HAIR STYLISTICS 「The Lost Hat」(2016)

 コンパクトでシンプル、ハーシュではないノイズ。隙間が多く、コミカルな要素も漂う。

 中原昌也がHair Stylistics名義でリリースし続けるCD-R,100枚限定の自主製作シリーズ。当初は全100枚と言ってたはずだが、止まるところを知らず本作が165作目となる。

 音源は約30分一本勝負。白CD-Rが折られた紙の中にストンと一枚、無造作に入ってた。盤面には何も書かれてない。

 冒頭からリズム・ボックスが軽快に鳴り、シンセが脱力気味にうねった。しばしミニマルにノイズが続いたところで、ぴょこんとシンセが跳ねる。
 ビートは変わらない。淡々と続く。
 シンセが踊り、震えた。途中で歪んだ音色に変わっていく。淡々と刻まれるビート。その上でゆらゆらとわずかな旋律感のみで、シンセは震えた。

 演奏は変わり続ける。ビートはミニマルに同じパターンを続けるけれど、上物のシンセは変わっていく。轟音でなく、ゆるいムードのシンセが震えた。さらに細かいスクラッチめいた音が時に挿入される。

 終盤はシンセが派手に暴れた。音程をぐいぐいひねり、単音の長押しで痛快に疾走する。だが音色はどこか優しい。耳をつんざく轟音で聴いても、リズム・ボックスのミックスが大きくてシンセの激しさに浸れない。
 あくまでもビートが妙に目立ち、ノイズの無秩序さへ溺れられない仕組みになっている。安易にノイジーさへ逃げない、頑固さがあり。

 音色と密度を変えれば剛腕ハーシュへ様変わりするけれど。ここではどこまでも、軽い味わいが続いてる。

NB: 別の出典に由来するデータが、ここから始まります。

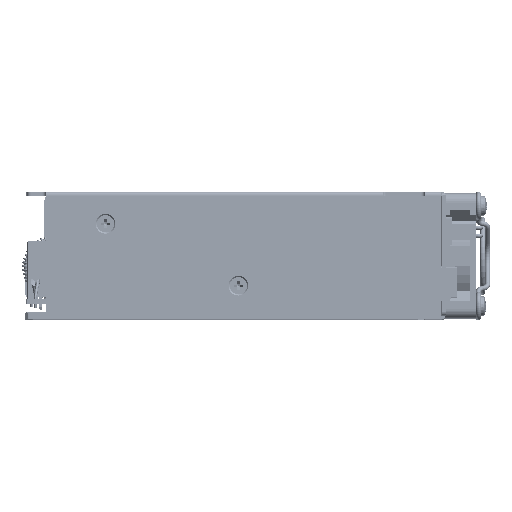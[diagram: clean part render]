
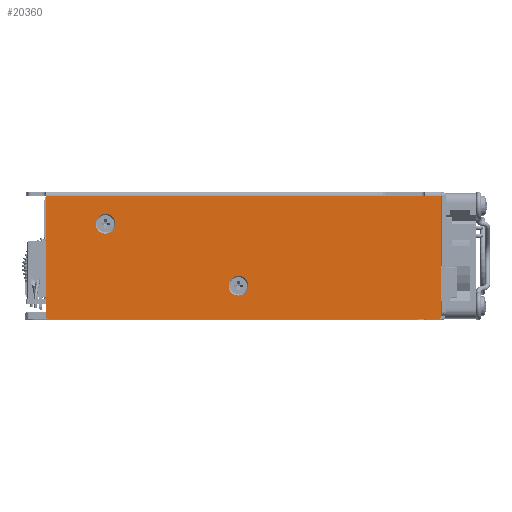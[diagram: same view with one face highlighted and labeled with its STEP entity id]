
A CAD part, top view. The second image highlights one B-rep face of the part: STEP entity #20360.
In plain terms, the highlighted planar face has unit normal (0.007, 0, 1).
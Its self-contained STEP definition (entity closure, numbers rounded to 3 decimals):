
#272 = ORIENTED_EDGE ( 'NONE', *, *, #90976, .F. ) ;
#13190 = VERTEX_POINT ( 'NONE', #226499 ) ;
#19151 = LINE ( 'NONE', #28947, #125146 ) ;
#20360 = ADVANCED_FACE ( 'NONE', ( #166156, #53408, #215732 ), #196907, .F. ) ;
#20739 = CARTESIAN_POINT ( 'NONE',  ( -47.322, 24.414, 167.636 ) ) ;
#21657 = EDGE_CURVE ( 'NONE', #201956, #69126, #134714, .T. ) ;
#23058 = ORIENTED_EDGE ( 'NONE', *, *, #271793, .T. ) ;
#23219 = VERTEX_POINT ( 'NONE', #20739 ) ;
#25917 = LINE ( 'NONE', #168624, #131866 ) ;
#28947 = CARTESIAN_POINT ( 'NONE',  ( 41.064, 30.204, 167.002 ) ) ;
#38228 = ORIENTED_EDGE ( 'NONE', *, *, #67800, .T. ) ;
#42458 = DIRECTION ( 'NONE',  ( 0., 1., 0. ) ) ;
#43185 = EDGE_CURVE ( 'NONE', #97350, #82698, #115477, .T. ) ;
#45394 = VECTOR ( 'NONE', #104712, 1000. ) ;
#53408 = FACE_OUTER_BOUND ( 'NONE', #106547, .T. ) ;
#64768 = DIRECTION ( 'NONE',  ( 0.007, 0., 1. ) ) ;
#65194 = CARTESIAN_POINT ( 'NONE',  ( -66.241, 30.204, 167.772 ) ) ;
#67800 = EDGE_CURVE ( 'NONE', #207623, #172497, #25917, .T. ) ;
#69126 = VERTEX_POINT ( 'NONE', #114180 ) ;
#70863 = CARTESIAN_POINT ( 'NONE',  ( -66.241, -9.236, 167.772 ) ) ;
#71355 = CARTESIAN_POINT ( 'NONE',  ( -66.241, -9.236, 167.772 ) ) ;
#71405 = DIRECTION ( 'NONE',  ( 1., 0., -0.007 ) ) ;
#76738 = CARTESIAN_POINT ( 'NONE',  ( -65.641, -8.636, 167.767 ) ) ;
#82698 = VERTEX_POINT ( 'NONE', #65194 ) ;
#89100 = CARTESIAN_POINT ( 'NONE',  ( -47.322, 21.264, 167.636 ) ) ;
#90976 = EDGE_CURVE ( 'NONE', #97350, #172497, #19151, .T. ) ;
#91286 = ORIENTED_EDGE ( 'NONE', *, *, #21657, .T. ) ;
#92244 = DIRECTION ( 'NONE',  ( 0., -1., 0. ) ) ;
#97350 = VERTEX_POINT ( 'NONE', #173751 ) ;
#97939 = CARTESIAN_POINT ( 'NONE',  ( 58.66, -8.036, 166.876 ) ) ;
#98101 = DIRECTION ( 'NONE',  ( 0., -1., 0. ) ) ;
#100345 = AXIS2_PLACEMENT_3D ( 'NONE', #76738, #224969, #98101 ) ;
#101718 = LINE ( 'NONE', #167766, #45394 ) ;
#104712 = DIRECTION ( 'NONE',  ( 0., 1., 0. ) ) ;
#106547 = EDGE_LOOP ( 'NONE', ( #192485, #91286, #23058, #38228, #272, #186050, #159067, #198889 ) ) ;
#107785 = CIRCLE ( 'NONE', #165175, 3.15 ) ;
#108828 = EDGE_CURVE ( 'NONE', #183640, #13190, #141754, .T. ) ;
#110372 = DIRECTION ( 'NONE',  ( 0., 1., 0. ) ) ;
#114180 = CARTESIAN_POINT ( 'NONE',  ( 59.86, -8.036, 166.868 ) ) ;
#115477 = LINE ( 'NONE', #117677, #234620 ) ;
#117677 = CARTESIAN_POINT ( 'NONE',  ( -66.241, 30.204, 167.772 ) ) ;
#119288 = DIRECTION ( 'NONE',  ( 0., -1., 0. ) ) ;
#120506 = CARTESIAN_POINT ( 'NONE',  ( -4.939, 4.665, 167.332 ) ) ;
#123671 = CARTESIAN_POINT ( 'NONE',  ( -66.241, -8.636, 167.772 ) ) ;
#125146 = VECTOR ( 'NONE', #71405, 1000. ) ;
#125251 = CARTESIAN_POINT ( 'NONE',  ( 59.86, 30.204, 166.868 ) ) ;
#128104 = VECTOR ( 'NONE', #218624, 1000. ) ;
#128182 = VECTOR ( 'NONE', #42458, 1000. ) ;
#131866 = VECTOR ( 'NONE', #189908, 1000. ) ;
#134714 = CIRCLE ( 'NONE', #185924, 1.2 ) ;
#135077 = AXIS2_PLACEMENT_3D ( 'NONE', #191718, #64768, #212930 ) ;
#141754 = CIRCLE ( 'NONE', #100345, 0.6 ) ;
#142581 = EDGE_CURVE ( 'NONE', #183640, #82698, #101718, .T. ) ;
#148044 = CARTESIAN_POINT ( 'NONE',  ( 59.86, -9.237, 166.868 ) ) ;
#151423 = EDGE_CURVE ( 'NONE', #23219, #23219, #107785, .T. ) ;
#157114 = AXIS2_PLACEMENT_3D ( 'NONE', #70863, #219044, #92244 ) ;
#159067 = ORIENTED_EDGE ( 'NONE', *, *, #142581, .F. ) ;
#165175 = AXIS2_PLACEMENT_3D ( 'NONE', #89100, #237071, #110372 ) ;
#166156 = FACE_BOUND ( 'NONE', #182342, .T. ) ;
#167766 = CARTESIAN_POINT ( 'NONE',  ( -66.241, -9.236, 167.772 ) ) ;
#168184 = CARTESIAN_POINT ( 'NONE',  ( 54.66, 30.204, 166.905 ) ) ;
#168624 = CARTESIAN_POINT ( 'NONE',  ( -66.241, 30.204, 167.772 ) ) ;
#172497 = VERTEX_POINT ( 'NONE', #168184 ) ;
#173751 = CARTESIAN_POINT ( 'NONE',  ( 41.064, 30.204, 167.002 ) ) ;
#181532 = DIRECTION ( 'NONE',  ( -1., 0., 0.007 ) ) ;
#182342 = EDGE_LOOP ( 'NONE', ( #201205 ) ) ;
#183640 = VERTEX_POINT ( 'NONE', #123671 ) ;
#185924 = AXIS2_PLACEMENT_3D ( 'NONE', #97939, #245929, #119288 ) ;
#186050 = ORIENTED_EDGE ( 'NONE', *, *, #43185, .T. ) ;
#189908 = DIRECTION ( 'NONE',  ( -1., 0., 0.007 ) ) ;
#191718 = CARTESIAN_POINT ( 'NONE',  ( -4.939, 1.515, 167.332 ) ) ;
#192485 = ORIENTED_EDGE ( 'NONE', *, *, #225619, .T. ) ;
#196907 = PLANE ( 'NONE',  #157114 ) ;
#198889 = ORIENTED_EDGE ( 'NONE', *, *, #108828, .T. ) ;
#201205 = ORIENTED_EDGE ( 'NONE', *, *, #216676, .F. ) ;
#201956 = VERTEX_POINT ( 'NONE', #257805 ) ;
#207623 = VERTEX_POINT ( 'NONE', #125251 ) ;
#212930 = DIRECTION ( 'NONE',  ( 0., 1., 0. ) ) ;
#213771 = CIRCLE ( 'NONE', #135077, 3.15 ) ;
#215732 = FACE_BOUND ( 'NONE', #227556, .T. ) ;
#216676 = EDGE_CURVE ( 'NONE', #231206, #231206, #213771, .T. ) ;
#218624 = DIRECTION ( 'NONE',  ( 1., 0., -0.007 ) ) ;
#219044 = DIRECTION ( 'NONE',  ( -0.007, 0., -1. ) ) ;
#222747 = ORIENTED_EDGE ( 'NONE', *, *, #151423, .F. ) ;
#224969 = DIRECTION ( 'NONE',  ( 0.007, 0., 1. ) ) ;
#225619 = EDGE_CURVE ( 'NONE', #13190, #201956, #240595, .T. ) ;
#226499 = CARTESIAN_POINT ( 'NONE',  ( -65.641, -9.236, 167.767 ) ) ;
#227556 = EDGE_LOOP ( 'NONE', ( #222747 ) ) ;
#231206 = VERTEX_POINT ( 'NONE', #120506 ) ;
#234620 = VECTOR ( 'NONE', #181532, 1000. ) ;
#237071 = DIRECTION ( 'NONE',  ( 0.007, 0., 1. ) ) ;
#240595 = LINE ( 'NONE', #71355, #128104 ) ;
#240657 = LINE ( 'NONE', #148044, #128182 ) ;
#245929 = DIRECTION ( 'NONE',  ( 0.007, 0., 1. ) ) ;
#257805 = CARTESIAN_POINT ( 'NONE',  ( 58.66, -9.236, 166.876 ) ) ;
#271793 = EDGE_CURVE ( 'NONE', #69126, #207623, #240657, .T. ) ;

 スカムな要素のノイズはあまり得意でないため、暴力温泉芸者も含めて彼の音盤はあまりきちんと聴いていない。いっぽうでメルツバウ以上とも思えるほどのリリース・ラッシュ、なおかつ流通も限られるためすぐさま入手困難になるのが、このシリーズ。
 中古でも見かけない。たぶんマニアの間でのみ完結流通してるのだろう。

 変な話、メルツバウくらいの知名度を世界で築いた場合、金さえ出せば入手できる確率が上がる。Youtubeに上がる可能性もある。一方でヘアスタはそういう方向性はあまり志向してないようだ。
 知名度も活動も、その気になればぐいぐい上がるはず。だがどうも中原には諦念が漂う。めんどくさいのかな。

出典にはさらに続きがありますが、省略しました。